===== INFORMATION GIVEN

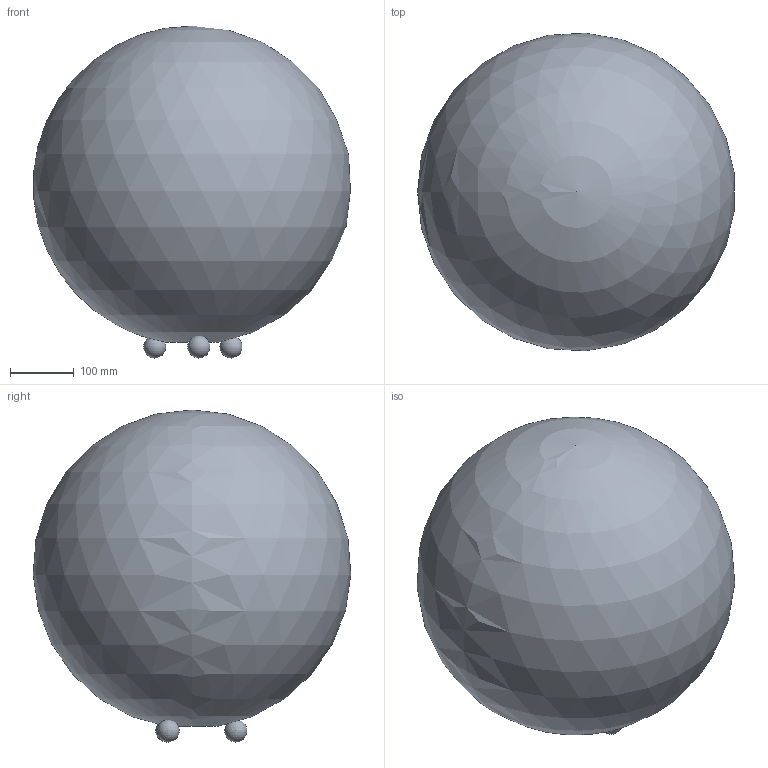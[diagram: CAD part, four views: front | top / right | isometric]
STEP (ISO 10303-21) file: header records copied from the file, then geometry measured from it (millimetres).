
FILE_DESCRIPTION(/* description */ (''),/* implementation_level */ '2;1');
FILE_NAME(/* name */ 'C:/Users/LukasGröber/GMS Cloud/Groeber Mannheim Lichtwerke - Dokumente/Marketing/Produkte/3D Daten/Kugel Sahara Tischleuchte/Kugel Sahara 50 Tischleuchte.step',/* time_stamp */ '2022-07-08T11:49:56+02:00',/* author */ (''),/* organization */ (''),/* preprocessor_version */ 'ST-DEVELOPER v19',/* originating_system */ 'Autodesk Translation Framework v11.7.0.108',/* authorisation */ '');
FILE_SCHEMA (('AUTOMOTIVE_DESIGN { 1 0 10303 214 3 1 1 }'));
Length unit declared in the file: millimetre
Products named in the file (2): Kugel Sahara 50 Tischleuchte; Kugel Sahara 500 Öffnung 80
Assembly tree (1 placements, depth 2):
  Kugel Sahara 50 Tischleuchte
    Kugel Sahara 500 Öffnung 80
Bounding box: 497.36 x 498.86 x 521.34 mm (x, y, z)
Volume: 3891023.4 mm3; surface area: 1542392.8 mm2
Topology: 4 solids, 4 shells, 7 faces, 17 edges, 11 vertices
Faces by surface type: sphere 5, cylinder 1, plane 1
Full cylindrical faces by diameter (mm): 80 x1
Entity records: 253 total; most frequent: DIRECTION 39, CARTESIAN_POINT 31, AXIS2_PLACEMENT_3D 19, ORIENTED_EDGE 18, VERTEX_POINT 11, EDGE_CURVE 9, EDGE_LOOP 8, CIRCLE 8
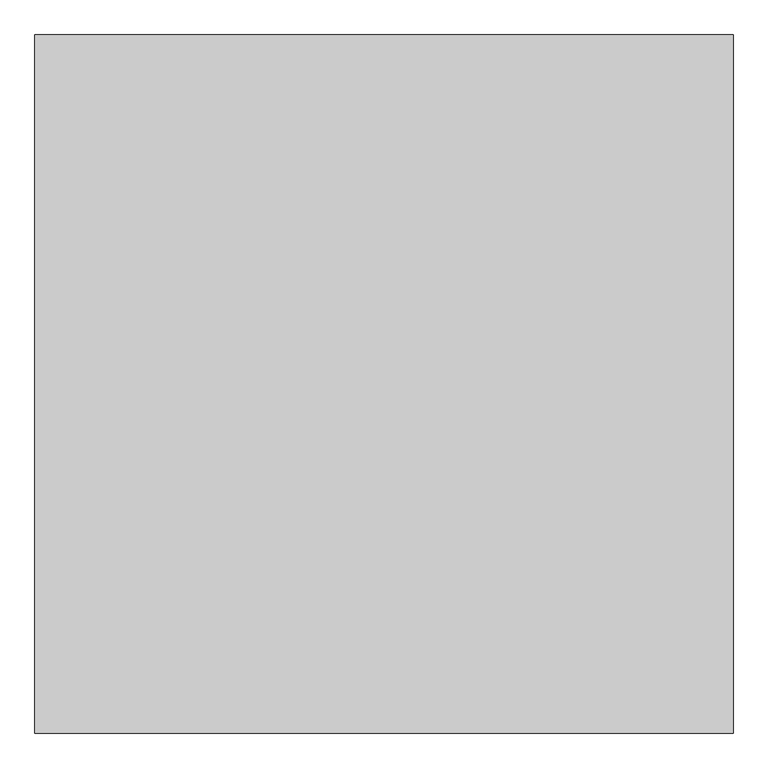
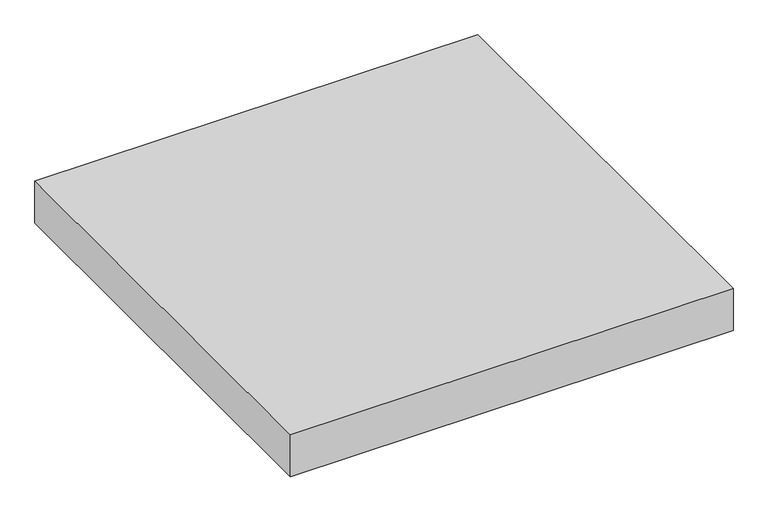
"""IFC4 building model written with IfcOpenShell, lengths in millimetres: proxy geometry, 営_屋上基礎_簡易 : 3000*3000*H300."""

from ifc_helpers import new_model, si_unit, origin, origin_with_axes, place, context, project, spatial, polyline, outline, extrude, source, transform, mapped, element, save


def generic_models_70fadd8d(model_context):
    return source(origin(), model_context, "Body", "SweptSolid", [
        extrude(outline(polyline([(1500.0, 1500.0), (1500.0, -1500.0), (-1500.0, -1500.0), (-1500.0, 1500.0), (1500.0, 1500.0)])), origin_with_axes(), (0.0, 0.0, 1.0), 300.0),
    ])


if __name__ == "__main__":
    model = new_model("IFC4")
    model_context = context("Model", 3, world=origin())
    ifc_project = project(units=[si_unit("LENGTHUNIT", "METRE", prefix="MILLI")], contexts=[model_context])
    site = spatial("IfcSite", under=ifc_project)
    building = spatial("IfcBuilding", under=site)
    placement = place(None, origin())
    generic_models_shape = generic_models_70fadd8d(model_context)
    element("IfcBuildingElementProxy", 1, Name="営_屋上基礎_簡易 : 3000*3000*H300", ObjectType="営_屋上基礎_簡易 : 3000*3000*H300", at=placement, inside=building, context=model_context, shape_type="MappedRepresentation", body=[
        mapped(generic_models_shape, transform((0.0, 0.0, 0.0), x_axis=(1.0, 0.0, 0.0), y_axis=(0.0, 1.0, 0.0), z_axis=(0.0, 0.0, 1.0))),
    ])
    save(model, "model.ifc")

==========

* **TO DO**
When a line in the records above contains the word "from", copy it.

* **EXERCISE SOLUTION**
STEP (ISO 10303-21) file: header records copied from the file, then geometry measured from it (millimetres).
from ifc_helpers import new_model, si_unit, origin, origin_with_axes, place, context, project, spatial, polyline, outline, extrude, source, transform, mapped, element, save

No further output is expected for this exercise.